Trouble with XPath

stimms · February 5, 2011

Hi,
I'm hoping one of you might be able to help me out with some fixes I wanted to make to an outdated translator. It is for the economist site (http://economist.com). I have found the xpath of the element I want to use for the title but when I run the translator it fails and reports that the doc.evaluate is returning null. I find this to be odd since I can copy these lines into firebug and they find the text perfectly, the translator also works from within scaffold. These are the lines:

var flyTitle = doc.evaluate('/html/body/div[2]/div[3]/div/div/div/h2', doc, nsResolver, XPathResult.ANY_TYPE, null).iterateNext().textContent;
var headline = doc.evaluate('/html/body/div[2]/div[3]/div/div/div/div', doc, nsResolver, XPathResult.ANY_TYPE, null).iterateNext().textContent;
newItem.title= flyTitle + ': ' + headline;

Is there something different about the context in which the translor runs with would cause it's behaviour to vary from that observed in firebug and scaffold? I have properly set up namespace and nsResolver in my function. The test page I've been using is http://www.economist.com/node/18065683.

ajlyon · February 5, 2011

First -- note that you don't want to use XPath like that. Try to identify a good @id or @name you can search from; counting divs and whatnot from the root is very fragile.

stimms · February 5, 2011

A reasonable point. This site makes heavy use of class names which I also tried using

For instance I used
doc.evaluate('//h2[@class="fly-title"]', doc, nsResolver, XPathResult.ANY_TYPE, null).iterateNext().textContent;

Which, again, works nicely in firebug and scaffold but fails miserably in zotero proper:
doc.evaluate("//h2[@class=\"fly-title\"]", doc, nsResolver, XPathResult.ANY_TYPE, null).iterateNext() is null

So the issue of which xpath I use aside I am still not getting the consistent results I would like.

ajlyon · February 5, 2011

This sounds suspiciously like a case of scraping the wrong doc -- if your target regex is too loose, sometimes you will end up scraping an iframe or something else. This frequently happens with things like "AddThis" boxes.
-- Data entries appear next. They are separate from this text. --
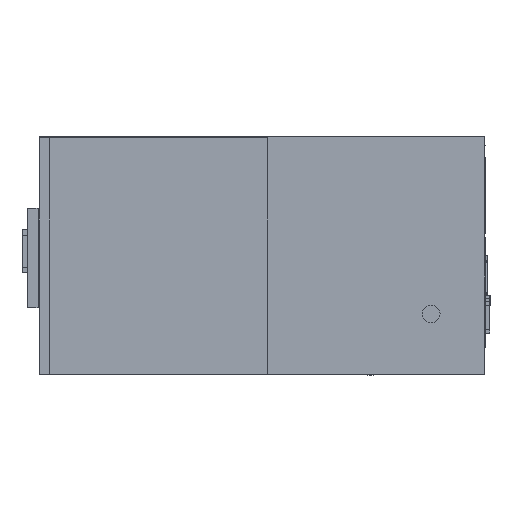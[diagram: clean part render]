
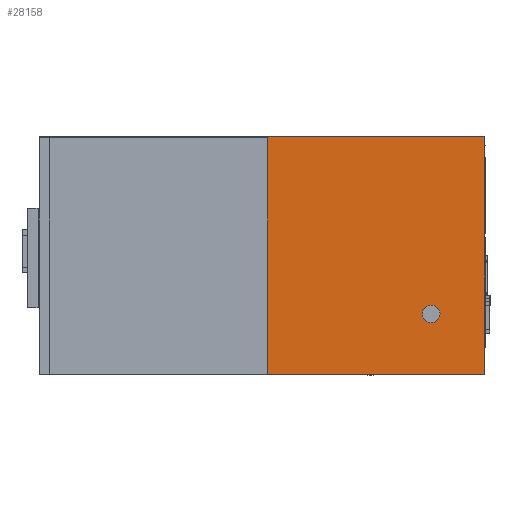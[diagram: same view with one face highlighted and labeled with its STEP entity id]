
A CAD part, left-side view. The second image highlights one B-rep face of the part: STEP entity #28158.
In plain terms, the highlighted planar face has unit normal (-1, 0, 0).
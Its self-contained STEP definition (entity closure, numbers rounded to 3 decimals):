
#28158=ADVANCED_FACE('',(#127004,#127006),#127008,.T.);
#127004=FACE_BOUND('',#127005,.T.);
#127005=EDGE_LOOP('',(#199945,#199946,#199947,#199948));
#127006=FACE_BOUND('',#127007,.T.);
#127007=EDGE_LOOP('',(#199949));
#127008=PLANE('',#127009);
#127009=AXIS2_PLACEMENT_3D('',#127010,#127011,#127012);
#127010=CARTESIAN_POINT('',(-180.,81.75,-1.));
#127011=DIRECTION('',(-1.,-0.,0.));
#127012=DIRECTION('',(0.,-1.,0.));
#199945=ORIENTED_EDGE('',*,*,#272169,.F.);
#199946=ORIENTED_EDGE('',*,*,#272173,.T.);
#199947=ORIENTED_EDGE('',*,*,#272174,.F.);
#199948=ORIENTED_EDGE('',*,*,#271540,.F.);
#199949=ORIENTED_EDGE('',*,*,#272175,.T.);
#271540=EDGE_CURVE('',#305679,#305682,#305683,.T.);
#272169=EDGE_CURVE('',#306729,#305679,#306731,.F.);
#272173=EDGE_CURVE('',#306729,#306738,#306739,.T.);
#272174=EDGE_CURVE('',#305682,#306738,#306740,.T.);
#272175=EDGE_CURVE('',#306741,#306741,#306742,.F.);
#305679=VERTEX_POINT('',#369102);
#305682=VERTEX_POINT('',#369107);
#305683=LINE('',#369108,#369109);
#306729=VERTEX_POINT('',#371442);
#306731=LINE('',#371446,#371447);
#306738=VERTEX_POINT('',#371464);
#306739=LINE('',#371465,#371466);
#306740=LINE('',#371468,#371469);
#306741=VERTEX_POINT('',#371471);
#306742=CIRCLE('',#371472,1.65);
#369102=CARTESIAN_POINT('',(-180.,81.75,0.));
#369107=CARTESIAN_POINT('',(-180.,81.75,44.25));
#369108=CARTESIAN_POINT('',(-180.,81.75,0.));
#369109=VECTOR('',#369110,1.);
#369110=DIRECTION('',(0.,0.,1.));
#371442=CARTESIAN_POINT('',(-180.,-1.15,0.));
#371446=CARTESIAN_POINT('',(-180.,81.75,0.));
#371447=VECTOR('',#371448,1.);
#371448=DIRECTION('',(0.,-1.,0.));
#371464=CARTESIAN_POINT('',(-180.,-1.15,44.25));
#371465=CARTESIAN_POINT('',(-180.,-1.15,0.));
#371466=VECTOR('',#371467,1.);
#371467=DIRECTION('',(0.,0.,1.));
#371468=CARTESIAN_POINT('',(-180.,81.75,44.25));
#371469=VECTOR('',#371470,1.);
#371470=DIRECTION('',(0.,-1.,0.));
#371471=CARTESIAN_POINT('',(-180.,7.2,11.25));
#371472=AXIS2_PLACEMENT_3D('',#371473,#371474,#371475);
#371473=CARTESIAN_POINT('',(-180.,8.85,11.25));
#371474=DIRECTION('',(-1.,-0.,0.));
#371475=DIRECTION('',(0.,-1.,0.));

And this discussion should probably take place on zotero-dev, not the forum.

And I'm calling it a night-- more feedback in the morning if you still need help.

stimms · February 5, 2011

Thanks for your help, I'll move the discussion over there.

mysheepb · February 22, 2011

@ajlyon
I am looking into the Aleph translator and I suspect that some of the problems are related to scraping an iframe with an "AddThis" box. Can you show me some light on how to avoid this? Thanks! (pointing to a related discussion link is also welcome!)

ajlyon · February 22, 2011

The discussion above ended up pointing to a very nasty issue with the way The Economist works, but in general you want to be very selective in your target regex in the JSON header and check for clear indicators of content (not just the URL) in the detectWeb function.

As before, please direct further questions to zotero-dev.